Original URL: https://www.theregister.com/2014/05/12/trevor_aint_so_potty_vmware_kernel_openness/

Is Trevor Pott-y? Nope – he's bang on about VSAN performance

Big Iron? Pah. Bare metal's nearer the mark

By Martin Glassborow

Posted in Storage, 12th May 2014 08:58 GMT

Storagebod I don’t always agree with fellow Reg storage man Trevor Pott but this piece on Server SAN, VSAN and storage acceleration is spot on with its questions about VSAN running in the kernel and the advantages that brings to performance.

Indeed, I’ve also heard comments about reliability, support and the likes over competing products. These are very much ones which have left me scratching my head and feeling very irritated.

If running VSAN in the kernel is so much better – and it almost feels that it should be – that in turn asks another question: would I be better off running all my workloads on bare metal, or as close to it as I can?

Perhaps VMware need to be allowing a lot more access to the kernel, or a pluggable architecture that allows various infrastructure services to run at that level. There are a number of vendors that would welcome that move and it might actually hasten the adoption of VMware yet further – or, at least, take out some of the more entrenched resistance around it.

I do hope more competition in the virtualisation space will bring more openness to the VMware hypervisor stack.

It does seem that we are beginning to move towards data-centres which host competing virtualisation technologies; so it would be good if, at a certain level, these became more infrastructure-agnostic. From a purely selfish point of view it would be good to have the same technology to present storage space to VMware, Hyper-V, KVM and anything else.

I would like to easily share data between systems that run on different technologies and hypervisors; if I use VSAN, I can’t do this without putting in some other technology on top.

Perhaps VMware don’t really want me to have more than one hypervisor in my data-centre, in the same way that EMC would prefer that all my storage was from them … but they have begun learning to live with reality and perhaps they need to encourage VMware to live in the real world as well. I certainly have use-cases that utilise bare metal for some specific tasks but that data does find its way into virtualised environments.

Speedy Storage

There are many products that promise to speed-up your centralised storage and they work very well, especially in simple use-cases.
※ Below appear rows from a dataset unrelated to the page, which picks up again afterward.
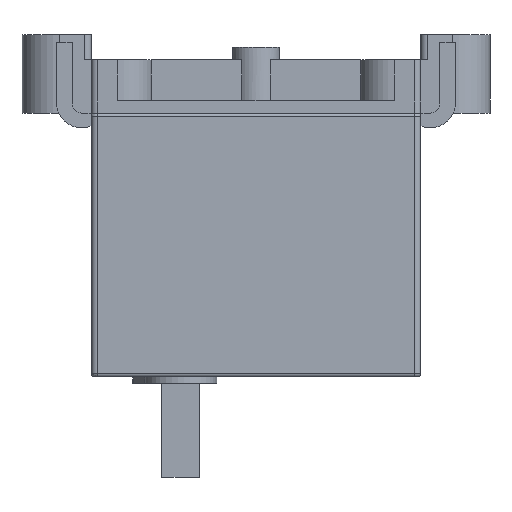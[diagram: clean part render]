
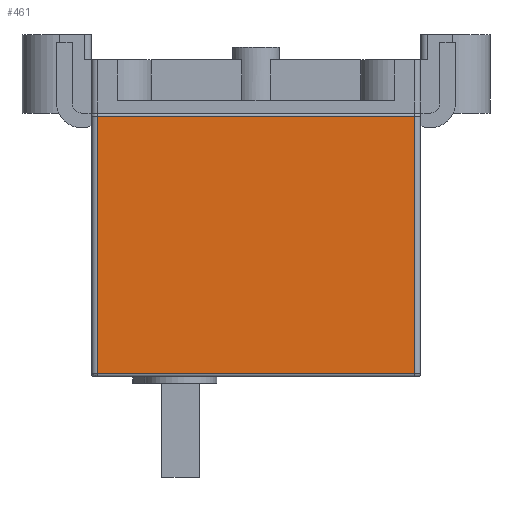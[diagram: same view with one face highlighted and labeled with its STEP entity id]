
A CAD part, left-side view. The second image highlights one B-rep face of the part: STEP entity #461.
In plain terms, the highlighted planar face has unit normal (-1, 0, 0).
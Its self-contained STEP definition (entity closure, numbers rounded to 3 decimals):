
#119=PLANE('',#4462);
#461=ADVANCED_FACE('',(#745),#119,.F.);
#745=FACE_OUTER_BOUND('',#992,.T.);
#992=EDGE_LOOP('',(#2497,#2498,#2499,#2500));
#1333=LINE('',#6648,#1681);
#1340=LINE('',#6728,#1688);
#1346=LINE('',#6743,#1694);
#1347=LINE('',#6745,#1695);
#1681=VECTOR('',#5387,1.);
#1688=VECTOR('',#5440,1.);
#1694=VECTOR('',#5462,1.);
#1695=VECTOR('',#5465,1.);
#2497=ORIENTED_EDGE('',*,*,#3756,.T.);
#2498=ORIENTED_EDGE('',*,*,#3723,.T.);
#2499=ORIENTED_EDGE('',*,*,#3757,.F.);
#2500=ORIENTED_EDGE('',*,*,#3747,.T.);
#3221=VERTEX_POINT('',#6636);
#3225=VERTEX_POINT('',#6645);
#3240=VERTEX_POINT('',#6700);
#3244=VERTEX_POINT('',#6727);
#3723=EDGE_CURVE('',#3225,#3221,#1333,.T.);
#3747=EDGE_CURVE('',#3240,#3244,#1340,.T.);
#3756=EDGE_CURVE('',#3244,#3225,#1346,.T.);
#3757=EDGE_CURVE('',#3240,#3221,#1347,.T.);
#4462=AXIS2_PLACEMENT_3D('',#6746,#5466,#5467);
#5387=DIRECTION('',(0.,1.,0.));
#5440=DIRECTION('',(0.,-1.,0.));
#5462=DIRECTION('',(0.,0.,1.));
#5465=DIRECTION('',(0.,0.,1.));
#5466=DIRECTION('',(1.,0.,0.));
#5467=DIRECTION('',(0.,1.,0.));
#6636=CARTESIAN_POINT('',(-197.5,50.5,-1.));
#6645=CARTESIAN_POINT('',(-197.5,-50.5,-1.));
#6648=CARTESIAN_POINT('',(-197.5,-50.5,-1.));
#6700=CARTESIAN_POINT('',(-197.5,50.5,-83.));
#6727=CARTESIAN_POINT('',(-197.5,-50.5,-83.));
#6728=CARTESIAN_POINT('',(-197.5,-50.5,-83.));
#6743=CARTESIAN_POINT('',(-197.5,-50.5,-84.));
#6745=CARTESIAN_POINT('',(-197.5,50.5,-84.));
#6746=CARTESIAN_POINT('',(-197.5,-50.5,-84.));

Trevor calls this Centralised Storage Acceleration (CSA); some are software products, some come with hardware devices and some are a mixture of both.

They can have some significant impact on the performance of your workloads; databases especially can benefit from them, although most databases benefit more with decent DBAs and developers; they are a quick fix for many performance issues and remove the bottleneck which is spinning rust.

But as soon as you start to add complexity, clustering, availability and move beyond a basic write-cache functionality they stop being a quick fix and become yet another system that needs managing and can go wrong at any moment.

Fairly soon that CSA becomes something a lot closer to a ServerSAN and you are sticking that in front of your expensive SAN infrastructure.

The one place that a CSA becomes interesting is as Cloud Storage Acceleration; a small amount of flash storage on server but with the bulk of data sitting in a cloud of some sort.

So what is going on?

It is unusual to have such a number of competing deployment models for infrastructure. Yet in storage, we do have an increasing number of deployment models.

And we can layer an acceleration infrastructure on top of those; this acceleration infrastructure could be local to the server, or perhaps an appliance sitting in the “network”.

All of these have use-cases. The answer may well be that to run a “large” infrastructure, you need a mixture of them all.

Storage was supposed to get simpler and we were supposed to be focusing on the data and providing data services. I think people forgot that just calling something a service doesn't make it simple; nor does it make the associated problems go away.